他沒有料到會被我連番質問,有些瞠目結舌。
我表明立場:“大叔,感謝您之前照顧他,不過接下來,照顧他的人是我,救他的人也應該是我?!?
剛說出口,我就意識到自己說的話有多狂妄,明明我都還沒搞清楚事情的緣由——但是我不想更改自己說的話,我確實相信自己能救他。
他愣了一下,那眼神又在不斷看我的身后,一臉驚慌的樣子。
我嘲道:“雅雅,你認識他嗎?怎么感覺他在不斷征求你的意見?”
雅雅哈哈大笑:“誰認識他啊,可能被我可愛的藤蔓嚇到了吧,你繼續(xù),太精彩了,我看得很舒暢呢?!?
大叔有些猶豫:“你你真的可以救他嗎?”
他說著,似乎有些恍惚:“確實啊,恐怕也只有你能救他了!”
我:“您得先告訴我,他到底怎么了,需要怎么救?”
大叔的眼神有些躲閃:“小少爺他從小就得了一種罕見的遺傳病他長出了獠牙、利爪、具有攻擊性、會想要喝血我們一開始只給他喝動物血,控制下來,之后他偶爾喝過人血,沒有上癮只是沒有想到,你的血刺激了他,讓他越來越無法自控”
“不上醫(yī)院治療嗎?”
“我就是殷家的管家兼私人醫(yī)生,傳統(tǒng)的治療根本就毫無效果。
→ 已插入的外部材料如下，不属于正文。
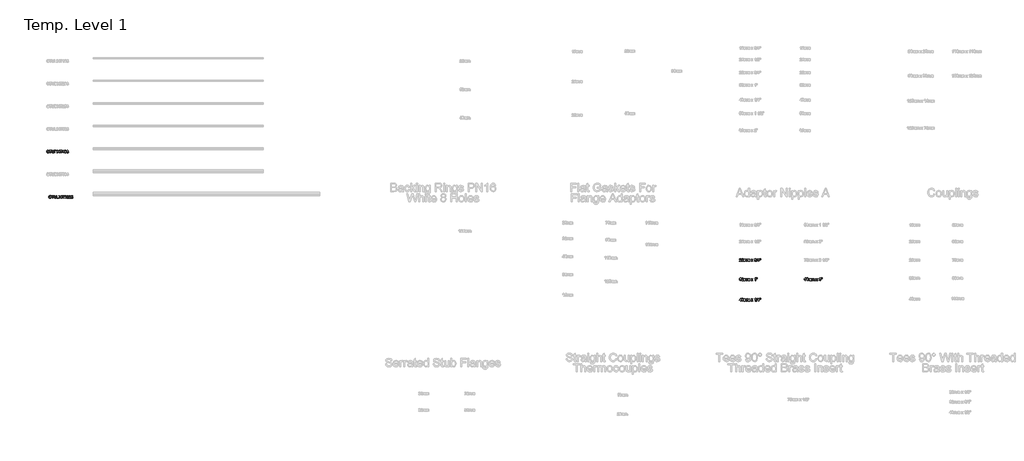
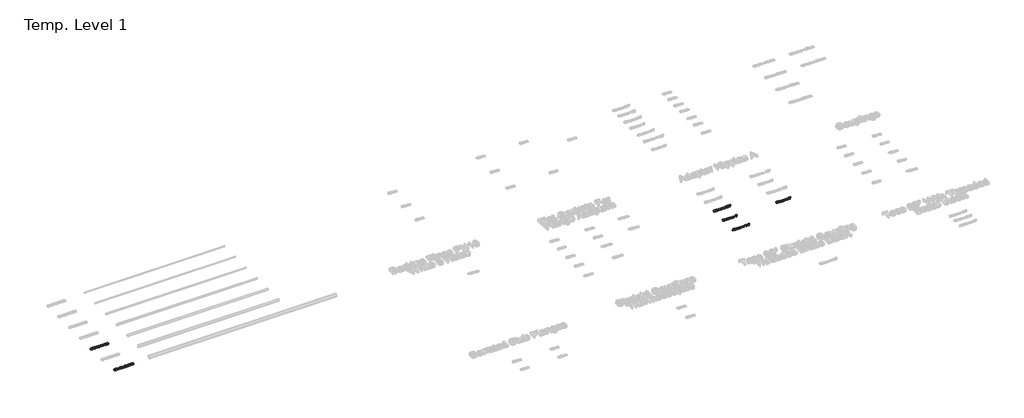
# One storey, part 6 of 62: 6 proxies.
"""IFC4 building model written with IfcOpenShell, lengths in millimetres."""

import ifcopenshell
import ifcopenshell.guid

model = None  # the IFC model being written
_history = None  # IfcOwnerHistory: only IFC2X3 demands one
_inside = {}  # id of a spatial element -> (the spatial element, [elements in it])
_under = {}  # id of a project, library or spatial element -> (it, [spatial elements below it])
_declared = {}  # id of a project -> (the project, [libraries it declares])
_typed = {}  # id of a type object -> (the type object, [elements of that type])
_made_of = {}  # id of a material, layer set ... -> (it, [elements and type objects made of it])


def new_model(schema):
    """Start an empty IFC model of exactly this schema.

    Asked for "IFC4X3", IfcOpenShell would pick the latest addendum, in which some entities
    have other attributes; the version numbers below select the first issue.
    IFC2X3 requires an IfcOwnerHistory on every rooted entity: one is made here for all.
    """
    global model, _history
    if schema == "IFC4X3":
        model = ifcopenshell.file(schema_version=(4, 3, 0, 0))
    else:
        model = ifcopenshell.file(schema=schema)
    _inside.clear()
    _under.clear()
    _declared.clear()
    _typed.clear()
    _made_of.clear()
    _history = None
    if model.schema == "IFC2X3":
        org = make("IfcOrganization", Name="unknown")
        user = make(
            "IfcPersonAndOrganization",
            ThePerson=make("IfcPerson", FamilyName="unknown"),
            TheOrganization=org,
        )
        app = make(
            "IfcApplication",
            ApplicationDeveloper=org,
            Version="unknown",
            ApplicationFullName="unknown",
            ApplicationIdentifier="unknown",
        )
        _history = make(
            "IfcOwnerHistory",
            OwningUser=user,
            OwningApplication=app,
            ChangeAction="ADDED",
            CreationDate=0,
        )
    return model


def make(cls, **values):
    """One entity of the class cls with the attributes given. An attribute that is None is left unset."""
    return model.create_entity(
        cls, **{name: value for name, value in values.items() if value is not None}
    )


def rooted(cls, **values):
    """An entity with a GlobalId (a new one), such as an element, a storey or a relation."""
    return make(cls, GlobalId=ifcopenshell.guid.new(), OwnerHistory=_history, **values)


def si_unit(unit_type, name, prefix=None):
    """IfcSIUnit, for example si_unit("LENGTHUNIT", "METRE", prefix="MILLI")."""
    return make("IfcSIUnit", UnitType=unit_type, Prefix=prefix, Name=name)


def assignment(units):
    """IfcUnitAssignment: the units of a project."""
    return None if units is None else make("IfcUnitAssignment", Units=units)


def point(xyz):
    """IfcCartesianPoint."""
    return None if xyz is None else make("IfcCartesianPoint", Coordinates=xyz)


def direction(xyz):
    """IfcDirection."""
    return None if xyz is None else make("IfcDirection", DirectionRatios=xyz)


def frame(location, z_axis=None, x_axis=None):
    """IfcAxis2Placement3D, a coordinate frame: its origin and axes. An axis left out is left unset."""
    return make(
        "IfcAxis2Placement3D",
        Location=point(location),
        Axis=direction(z_axis),
        RefDirection=direction(x_axis),
    )


def origin():
    """The frame at (0, 0, 0) with its axes left unset."""
    return frame((0.0, 0.0, 0.0))


def origin_with_axes():
    """The frame at (0, 0, 0) with the z axis (0, 0, 1) and the x axis (1, 0, 0) written out."""
    return frame((0.0, 0.0, 0.0), z_axis=(0.0, 0.0, 1.0), x_axis=(1.0, 0.0, 0.0))


def place(relative_to, where):
    """IfcLocalPlacement: puts the frame where relative to a parent placement (None: the world)."""
    return make(
        "IfcLocalPlacement", PlacementRelTo=relative_to, RelativePlacement=where
    )


def context(
    kind, dimensions, precision=None, world=None, true_north=None, identifier=None
):
    """IfcGeometricRepresentationContext, for example the 3D "Model" context."""
    return make(
        "IfcGeometricRepresentationContext",
        ContextIdentifier=identifier,
        ContextType=kind,
        CoordinateSpaceDimension=dimensions,
        Precision=precision,
        WorldCoordinateSystem=world,
        TrueNorth=true_north,
    )


def project(units=None, contexts=None):
    """IfcProject with its units and contexts."""
    return rooted(
        "IfcProject",
        Name="project",
        RepresentationContexts=contexts,
        UnitsInContext=assignment(units),
    )


def spatial(cls, under=None, at=None, **own):
    """A site, building, storey or space (cls), placed at a placement, below another one or the project."""
    s = rooted(cls, ObjectPlacement=at, **own)
    if under is not None:
        _under.setdefault(under.id(), (under, []))[1].append(s)
    return s


def polyline(points):
    """IfcPolyline through the points."""
    return make("IfcPolyline", Points=[point(p) for p in points])


def outline(outer, holes=None, kind="AREA"):
    """IfcArbitraryClosedProfileDef: a profile drawn as a closed curve; with holes, ...WithVoids."""
    if holes is None:
        return make("IfcArbitraryClosedProfileDef", ProfileType=kind, OuterCurve=outer)
    return make(
        "IfcArbitraryProfileDefWithVoids",
        ProfileType=kind,
        OuterCurve=outer,
        InnerCurves=holes,
    )


def extrude(swept, where, along, depth):
    """IfcExtrudedAreaSolid: the profile swept, set in the frame where, extruded along a direction by depth."""
    return make(
        "IfcExtrudedAreaSolid",
        SweptArea=swept,
        Position=where,
        ExtrudedDirection=direction(along),
        Depth=depth,
    )


def shape(context_of_items, identifier, shape_type, items):
    """IfcShapeRepresentation: the items that make up one representation, for example the "Body"."""
    return make(
        "IfcShapeRepresentation",
        ContextOfItems=context_of_items,
        RepresentationIdentifier=identifier,
        RepresentationType=shape_type,
        Items=items,
    )


def made_of(thing, what):
    """Note that an element or type object is made of a material, layer set ...; save() writes the relation."""
    if what is not None:
        _made_of.setdefault(what.id(), (what, []))[1].append(thing)
    return thing


def element(
    cls,
    number,
    at=None,
    inside=None,
    cuts=None,
    type_object=None,
    material=None,
    context=None,
    identifier="Body",
    shape_type=None,
    held_by="IfcProductDefinitionShape",
    body=None,
    shapes=None,
    **own,
):
    """One element of the class cls, such as IfcWall. Its Tag is "e" and its number.

    at: its placement. inside: the storey or other place that contains it. cuts: it is an
    opening in that element (IfcRelVoidsElement). A single representation is given by context,
    identifier, shape_type and body (its items); several are given by shapes. held_by: the class
    of the entity that holds the representations. save() writes the other relations.
    """
    e = rooted(cls, Tag="e%d" % number, ObjectPlacement=at, **own)
    if body is not None:
        shapes = [shape(context, identifier, shape_type, body)]
    if shapes is not None:
        e.Representation = make(held_by, Representations=shapes)
    if inside is not None:
        _inside.setdefault(inside.id(), (inside, []))[1].append(e)
    if cuts is not None:
        rooted(
            "IfcRelVoidsElement", RelatingBuildingElement=cuts, RelatedOpeningElement=e
        )
    if type_object is not None:
        _typed.setdefault(type_object.id(), (type_object, []))[1].append(e)
    return made_of(e, material)


def aggregate(whole, parts):
    """IfcRelAggregates: a whole, such as a stair, and the parts it consists of."""
    return rooted("IfcRelAggregates", RelatingObject=whole, RelatedObjects=parts)


def save(model, path):
    """Write the relations noted so far, then the file.

    IfcRelAggregates (storeys below a building ...), IfcRelContainedInSpatialStructure (elements
    in a storey), IfcRelDefinesByType, IfcRelAssociatesMaterial and IfcRelDeclares: one each for
    every whole, place, type object, material and project.
    """
    for whole, parts in _under.values():
        aggregate(whole, parts)
    for where, things in _inside.values():
        rooted(
            "IfcRelContainedInSpatialStructure",
            RelatedElements=things,
            RelatingStructure=where,
        )
    for kind, things in _typed.values():
        rooted("IfcRelDefinesByType", RelatedObjects=things, RelatingType=kind)
    for what, things in _made_of.values():
        rooted("IfcRelAssociatesMaterial", RelatedObjects=things, RelatingMaterial=what)
    for by, libraries in _declared.values():
        rooted("IfcRelDeclares", RelatingContext=by, RelatedDefinitions=libraries)
    model.write(path)


model = new_model("IFC4")

# Units and contexts
model_context = context("Model", 3, world=origin())
ifc_project = project(units=[si_unit("LENGTHUNIT", "METRE", prefix="MILLI")], contexts=[model_context])

# Site, building, storey
site = spatial("IfcSite", under=ifc_project)
building = spatial("IfcBuilding", under=site)
storey = spatial("IfcBuildingStorey", under=building, Name="Temp. Level 1", Elevation=0.0)

# Proxies
placement = place(None, origin())
element("IfcBuildingElementProxy", 1, Name="50mm Arial", ObjectType="50mm Arial", at=placement, inside=storey, context=model_context, shape_type="SweptSolid", body=[
    extrude(outline(polyline([(14682.7136124, -8204.0446709), (14682.7136124, -8210.198517), (14650.4059201, -8210.198517), (14651.0669778, -8205.9557286), (14654.8049586, -8199.4232766), (14662.5092855, -8192.2898632), (14673.1342855, -8182.0374593), (14675.7905355, -8175.0663055), (14673.2845259, -8169.4232766), (14666.7400547, -8167.1215939), (14659.9191413, -8169.3691901), (14657.3289971, -8175.5831324), (14651.1751509, -8174.8139016), (14655.892699, -8164.5134209), (14666.8722663, -8160.9677478), (14677.8878913, -8164.9100555), (14681.9443817, -8174.6937093), (14680.8506317, -8180.5290459), (14677.2148144, -8186.5626997), (14668.3987086, -8194.9941901), (14661.3193817, -8200.9136612), (14658.5429394, -8204.0446709), (14682.7136124, -8204.0446709)])), origin_with_axes(), (0.0, 0.0, 1.0), 15.0),
    extrude(outline(polyline([(14688.8674586, -8197.1215939), (14695.0213047, -8196.3523632), (14698.1222663, -8202.6925074), (14704.5525547, -8204.8139016), (14712.2689009, -8201.8631805), (14715.0213047, -8194.0326516), (14712.4431797, -8186.7249593), (14704.6487086, -8184.0446709), (14699.2460644, -8185.1143824), (14695.7905355, -8187.8908247), (14689.6366894, -8187.1215939), (14695.0213047, -8161.7369786), (14718.8674586, -8161.7369786), (14718.8674586, -8167.8908247), (14699.9972663, -8167.8908247), (14697.3650547, -8181.448517), (14706.3674586, -8177.8908247), (14716.8902951, -8182.3018824), (14721.1751509, -8193.6480362), (14717.3169778, -8205.0663055), (14711.7761124, -8209.4923872), (14704.5285163, -8210.9677478), (14693.6691413, -8207.1756805), (14688.8674586, -8197.1215939)])), origin_with_axes(), (0.0, 0.0, 1.0), 15.0),
    extrude(outline(polyline([(14728.0982278, -8210.198517), (14728.0982278, -8174.0446709), (14734.252074, -8174.0446709), (14734.252074, -8179.9941901), (14738.4828432, -8175.120392), (14744.5044778, -8173.2754401), (14750.6703432, -8175.1564497), (14754.0597663, -8180.4268824), (14758.861449, -8175.0633007), (14764.9251509, -8173.2754401), (14772.9720259, -8176.2501997), (14775.7905355, -8185.4148632), (14775.7905355, -8210.198517), (14769.6366894, -8210.198517), (14769.6366894, -8188.0590939), (14769.0657759, -8182.9208728), (14766.9984682, -8180.3908247), (14763.4828432, -8179.4292862), (14757.4311605, -8181.8932286), (14755.0213047, -8189.7898632), (14755.0213047, -8210.198517), (14748.8674586, -8210.198517), (14748.8674586, -8187.3739978), (14747.4431797, -8181.4124593), (14742.7737086, -8179.4292862), (14738.2184201, -8180.7514016), (14735.189574, -8184.6215939), (14734.252074, -8191.9653439), (14734.252074, -8210.198517), (14728.0982278, -8210.198517)])), origin_with_axes(), (0.0, 0.0, 1.0), 15.0),
    extrude(outline(polyline([(14785.0213047, -8210.198517), (14785.0213047, -8174.0446709), (14791.1751509, -8174.0446709), (14791.1751509, -8179.9941901), (14795.4059201, -8175.120392), (14801.4275547, -8173.2754401), (14807.5934201, -8175.1564497), (14810.9828432, -8180.4268824), (14815.7845259, -8175.0633007), (14821.8482278, -8173.2754401), (14829.8951028, -8176.2501997), (14832.7136124, -8185.4148632), (14832.7136124, -8210.198517), (14826.5597663, -8210.198517), (14826.5597663, -8188.0590939), (14825.9888528, -8182.9208728), (14823.9215451, -8180.3908247), (14820.4059201, -8179.4292862), (14814.3542374, -8181.8932286), (14811.9443817, -8189.7898632), (14811.9443817, -8210.198517), (14805.7905355, -8210.198517), (14805.7905355, -8187.3739978), (14804.3662567, -8181.4124593), (14799.6967855, -8179.4292862), (14795.1414971, -8180.7514016), (14792.1126509, -8184.6215939), (14791.1751509, -8191.9653439), (14791.1751509, -8210.198517), (14785.0213047, -8210.198517)])), origin_with_axes(), (0.0, 0.0, 1.0), 15.0),
    extrude(outline(polyline([(14857.3289971, -8210.198517), (14870.4780355, -8192.0254401), (14858.0982278, -8174.0446709), (14865.502074, -8174.0446709), (14871.4756317, -8182.698517), (14874.2640932, -8186.7850555), (14876.6799586, -8183.4437093), (14883.4828432, -8174.0446709), (14890.8866894, -8174.0446709), (14877.8818817, -8192.0254401), (14890.4059201, -8210.198517), (14883.002074, -8210.198517), (14875.4660163, -8199.2730362), (14874.0838047, -8197.2778439), (14864.7328432, -8210.198517), (14857.3289971, -8210.198517)])), origin_with_axes(), (0.0, 0.0, 1.0), 15.0),
    extrude(outline(polyline([(14913.4828432, -8197.1215939), (14919.6366894, -8196.3523632), (14923.0321221, -8202.8307286), (14929.3842855, -8204.8139016), (14936.8602471, -8202.0855362), (14939.6366894, -8195.3307286), (14936.8842855, -8188.9665459), (14929.8890932, -8186.448517), (14925.5741894, -8187.1215939), (14926.2592855, -8180.9677478), (14934.2280355, -8179.2730362), (14937.3289971, -8173.8403439), (14935.0814009, -8169.026642), (14929.2881317, -8167.1215939), (14923.4227471, -8169.0446709), (14920.4059201, -8174.8139016), (14914.252074, -8174.0446709), (14919.2881317, -8164.3932286), (14929.0717855, -8160.9677478), (14936.4936605, -8162.6564497), (14941.6859682, -8167.2718343), (14943.4828432, -8173.479767), (14941.7761124, -8179.1528439), (14936.7280355, -8183.2273632), (14943.4347663, -8187.4340939), (14945.7905355, -8195.4389016), (14941.0789971, -8206.448517), (14929.1679394, -8210.9677478), (14918.3746701, -8207.1095747), (14913.4828432, -8197.1215939)])), origin_with_axes(), (0.0, 0.0, 1.0), 15.0),
    extrude(outline(polyline([(14948.0982278, -8210.198517), (14961.9443817, -8160.9677478), (14967.4972663, -8160.9677478), (14953.6511124, -8210.198517), (14948.0982278, -8210.198517)])), origin_with_axes(), (0.0, 0.0, 1.0), 15.0),
    extrude(outline(polyline([(14990.4059201, -8210.198517), (14990.4059201, -8198.6600555), (14968.0982278, -8198.6600555), (14968.0982278, -8192.5062093), (14991.9443817, -8161.7369786), (14996.5597663, -8161.7369786), (14996.5597663, -8192.5062093), (15002.7136124, -8192.5062093), (15002.7136124, -8198.6600555), (14996.5597663, -8198.6600555), (14996.5597663, -8210.198517), (14990.4059201, -8210.198517)]), holes=[polyline([(14990.4059201, -8192.5062093), (14990.4059201, -8173.4917862), (14975.6703432, -8192.5062093), (14990.4059201, -8192.5062093)])]), origin_with_axes(), (0.0, 0.0, 1.0), 15.0),
    extrude(outline(polyline([(15021.8722663, -8178.6600555), (15020.4059201, -8169.1528439), (15020.4059201, -8160.9677478), (15026.5597663, -8160.9677478), (15026.5597663, -8169.1528439), (15025.1174586, -8178.6600555), (15021.8722663, -8178.6600555)])), origin_with_axes(), (0.0, 0.0, 1.0), 15.0),
    extrude(outline(polyline([(15009.6006317, -8178.6600555), (15008.0982278, -8169.1528439), (15008.0982278, -8160.9677478), (15014.252074, -8160.9677478), (15014.252074, -8169.1528439), (15012.9059201, -8178.6600555), (15009.6006317, -8178.6600555)])), origin_with_axes(), (0.0, 0.0, 1.0), 15.0),
])
element("IfcBuildingElementProxy", 2, Name="50mm Arial", ObjectType="50mm Arial", at=placement, inside=storey, context=model_context, shape_type="SweptSolid", body=[
    extrude(outline(polyline([(14651.1751509, -8537.1215939), (14657.3289971, -8536.3523632), (14660.7244297, -8542.8307286), (14667.0765932, -8544.8139016), (14674.5525547, -8542.0855362), (14677.3289971, -8535.3307286), (14674.5765932, -8528.9665459), (14667.5814009, -8526.448517), (14663.2664971, -8527.1215939), (14663.9515932, -8520.9677478), (14671.9203432, -8519.2730362), (14675.0213047, -8513.8403439), (14672.7737086, -8509.026642), (14666.9804394, -8507.1215939), (14661.1150547, -8509.0446709), (14658.0982278, -8514.8139016), (14651.9443817, -8514.0446709), (14656.9804394, -8504.3932286), (14666.7640932, -8500.9677478), (14674.1859682, -8502.6564497), (14679.3782759, -8507.2718343), (14681.1751509, -8513.479767), (14679.4684201, -8519.1528439), (14674.4203432, -8523.2273632), (14681.127074, -8527.4340939), (14683.4828432, -8535.4389016), (14678.7713047, -8546.448517), (14666.8602471, -8550.9677478), (14656.0669778, -8547.1095747), (14651.1751509, -8537.1215939)])), origin_with_axes(), (0.0, 0.0, 1.0), 15.0),
    extrude(outline(polyline([(14720.4059201, -8544.0446709), (14720.4059201, -8550.198517), (14688.0982278, -8550.198517), (14688.7592855, -8545.9557286), (14692.4972663, -8539.4232766), (14700.2015932, -8532.2898632), (14710.8265932, -8522.0374593), (14713.4828432, -8515.0663055), (14710.9768336, -8509.4232766), (14704.4323624, -8507.1215939), (14697.611449, -8509.3691901), (14695.0213047, -8515.5831324), (14688.8674586, -8514.8139016), (14693.5850067, -8504.5134209), (14704.564574, -8500.9677478), (14715.580199, -8504.9100555), (14719.6366894, -8514.6937093), (14718.5429394, -8520.5290459), (14714.9071221, -8526.5626997), (14706.0910163, -8534.9941901), (14699.0116894, -8540.9136612), (14696.2352471, -8544.0446709), (14720.4059201, -8544.0446709)])), origin_with_axes(), (0.0, 0.0, 1.0), 15.0),
    extrude(outline(polyline([(14728.0982278, -8550.198517), (14728.0982278, -8514.0446709), (14734.252074, -8514.0446709), (14734.252074, -8519.9941901), (14738.4828432, -8515.120392), (14744.5044778, -8513.2754401), (14750.6703432, -8515.1564497), (14754.0597663, -8520.4268824), (14758.861449, -8515.0633007), (14764.9251509, -8513.2754401), (14772.9720259, -8516.2501997), (14775.7905355, -8525.4148632), (14775.7905355, -8550.198517), (14769.6366894, -8550.198517), (14769.6366894, -8528.0590939), (14769.0657759, -8522.9208728), (14766.9984682, -8520.3908247), (14763.4828432, -8519.4292862), (14757.4311605, -8521.8932286), (14755.0213047, -8529.7898632), (14755.0213047, -8550.198517), (14748.8674586, -8550.198517), (14748.8674586, -8527.3739978), (14747.4431797, -8521.4124593), (14742.7737086, -8519.4292862), (14738.2184201, -8520.7514016), (14735.189574, -8524.6215939), (14734.252074, -8531.9653439), (14734.252074, -8550.198517), (14728.0982278, -8550.198517)])), origin_with_axes(), (0.0, 0.0, 1.0), 15.0),
    extrude(outline(polyline([(14785.0213047, -8550.198517), (14785.0213047, -8514.0446709), (14791.1751509, -8514.0446709), (14791.1751509, -8519.9941901), (14795.4059201, -8515.120392), (14801.4275547, -8513.2754401), (14807.5934201, -8515.1564497), (14810.9828432, -8520.4268824), (14815.7845259, -8515.0633007), (14821.8482278, -8513.2754401), (14829.8951028, -8516.2501997), (14832.7136124, -8525.4148632), (14832.7136124, -8550.198517), (14826.5597663, -8550.198517), (14826.5597663, -8528.0590939), (14825.9888528, -8522.9208728), (14823.9215451, -8520.3908247), (14820.4059201, -8519.4292862), (14814.3542374, -8521.8932286), (14811.9443817, -8529.7898632), (14811.9443817, -8550.198517), (14805.7905355, -8550.198517), (14805.7905355, -8527.3739978), (14804.3662567, -8521.4124593), (14799.6967855, -8519.4292862), (14795.1414971, -8520.7514016), (14792.1126509, -8524.6215939), (14791.1751509, -8531.9653439), (14791.1751509, -8550.198517), (14785.0213047, -8550.198517)])), origin_with_axes(), (0.0, 0.0, 1.0), 15.0),
    extrude(outline(polyline([(14857.3289971, -8550.198517), (14870.4780355, -8532.0254401), (14858.0982278, -8514.0446709), (14865.502074, -8514.0446709), (14871.4756317, -8522.698517), (14874.2640932, -8526.7850555), (14876.6799586, -8523.4437093), (14883.4828432, -8514.0446709), (14890.8866894, -8514.0446709), (14877.8818817, -8532.0254401), (14890.4059201, -8550.198517), (14883.002074, -8550.198517), (14875.4660163, -8539.2730362), (14874.0838047, -8537.2778439), (14864.7328432, -8550.198517), (14857.3289971, -8550.198517)])), origin_with_axes(), (0.0, 0.0, 1.0), 15.0),
    extrude(outline(polyline([(14936.5597663, -8550.198517), (14930.4059201, -8550.198517), (14930.4059201, -8511.8331324), (14924.5765932, -8515.9857766), (14918.0982278, -8519.0927478), (14918.0982278, -8513.2754401), (14927.1186605, -8507.5182286), (14932.5934201, -8500.9677478), (14936.5597663, -8500.9677478), (14936.5597663, -8550.198517)])), origin_with_axes(), (0.0, 0.0, 1.0), 15.0),
    extrude(outline(polyline([(14952.6775547, -8518.6600555), (14951.1751509, -8509.1528439), (14951.1751509, -8500.9677478), (14957.3289971, -8500.9677478), (14957.3289971, -8509.1528439), (14955.9828432, -8518.6600555), (14952.6775547, -8518.6600555)])), origin_with_axes(), (0.0, 0.0, 1.0), 15.0),
    extrude(outline(polyline([(14964.9491894, -8518.6600555), (14963.4828432, -8509.1528439), (14963.4828432, -8500.9677478), (14969.6366894, -8500.9677478), (14969.6366894, -8509.1528439), (14968.1943817, -8518.6600555), (14964.9491894, -8518.6600555)])), origin_with_axes(), (0.0, 0.0, 1.0), 15.0),
])
element("IfcBuildingElementProxy", 3, Name="50mm Arial", ObjectType="50mm Arial", at=placement, inside=storey, context=model_context, shape_type="SweptSolid", body=[
    extrude(outline(polyline([(14671.1751509, -8910.198517), (14671.1751509, -8898.6600555), (14648.8674586, -8898.6600555), (14648.8674586, -8892.5062093), (14672.7136124, -8861.7369786), (14677.3289971, -8861.7369786), (14677.3289971, -8892.5062093), (14683.4828432, -8892.5062093), (14683.4828432, -8898.6600555), (14677.3289971, -8898.6600555), (14677.3289971, -8910.198517), (14671.1751509, -8910.198517)]), holes=[polyline([(14671.1751509, -8892.5062093), (14671.1751509, -8873.4917862), (14656.439574, -8892.5062093), (14671.1751509, -8892.5062093)])]), origin_with_axes(), (0.0, 0.0, 1.0), 15.0),
    extrude(outline(polyline([(14688.8674586, -8885.979767), (14690.6763528, -8871.8151036), (14696.048949, -8863.6480362), (14705.0213047, -8860.9677478), (14712.2088047, -8862.5542862), (14717.1727471, -8867.1276036), (14720.0573624, -8874.4112574), (14721.1751509, -8885.979767), (14719.3842855, -8900.0843343), (14714.0297182, -8908.2694305), (14705.0213047, -8910.9677478), (14693.7713047, -8906.2802478), (14690.0934201, -8897.9539257), (14688.8674586, -8885.979767)]), holes=[polyline([(14695.0213047, -8885.9677478), (14697.9059201, -8901.2501997), (14705.0213047, -8904.8139016), (14712.1366894, -8901.2381805), (14715.0213047, -8885.9677478), (14712.2328432, -8870.8595747), (14704.9491894, -8867.1215939), (14698.002074, -8870.4148632), (14695.0213047, -8885.9677478)])]), origin_with_axes(), (0.0, 0.0, 1.0), 15.0),
    extrude(outline(polyline([(14728.0982278, -8910.198517), (14728.0982278, -8874.0446709), (14734.252074, -8874.0446709), (14734.252074, -8879.9941901), (14738.4828432, -8875.120392), (14744.5044778, -8873.2754401), (14750.6703432, -8875.1564497), (14754.0597663, -8880.4268824), (14758.861449, -8875.0633007), (14764.9251509, -8873.2754401), (14772.9720259, -8876.2501997), (14775.7905355, -8885.4148632), (14775.7905355, -8910.198517), (14769.6366894, -8910.198517), (14769.6366894, -8888.0590939), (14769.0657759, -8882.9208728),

小少爺的攻擊性越來越強,最嚴重的時候,老夫人把他關起來,三個月”
“那要如何治療呢?”我問。
他直視我:“三天,陪他戒斷。在這期間,不要讓他亂跑,只能喝血袋里的血,一天一袋200毫升。他對那些血非??咕埽峙聸]法完全依靠輸液的方式——我試過,最多輸100毫升他就會掙開,而且他還會嘔吐,吐得太多,會造成輸血失效,你需要自己想辦法?!彼v地說,“如果熬過了這三天,他就度過了危險期,應該會恢復人性。那之后,你可以小劑量地讓他喝你的血,七天一次,每次最多50毫升?!?
“為什么還要讓他喝我的血,不是很危險嗎?”我問。
“他已經無法完全戒斷了,只能控制,如果沒有你的血,他一樣會死!”
“在這三天內,如果他喝到了我的血,會有什么后果?”
他搖搖頭,取下眼鏡擦了擦:“我不知道”
又嘆息了一聲:“盡量不要讓他碰到吧,現(xiàn)在對于他來說,還是太刺激了”
白色的窗簾在風中浮動,大叔耷拉的眼皮顯得那么疲憊、那么悲傷。
剛才的針鋒相對消失了,現(xiàn)在的我有些高興子夜身邊還有這樣的一個人物。他早年沒了母親,后來也沒了父親,還被奶奶關起來,被當成怪物。但他身邊,也有著關心他的人。
-
事實上,那位大叔姓榮,是殷家的管家兼私人醫(yī)生,為了取得我的信任,他還給我看了殷子夜的病歷,很厚一疊。他說子夜的病是卟啉癥的一個變種,患者會長出獠牙、嗜血、喪失人性、力量強大。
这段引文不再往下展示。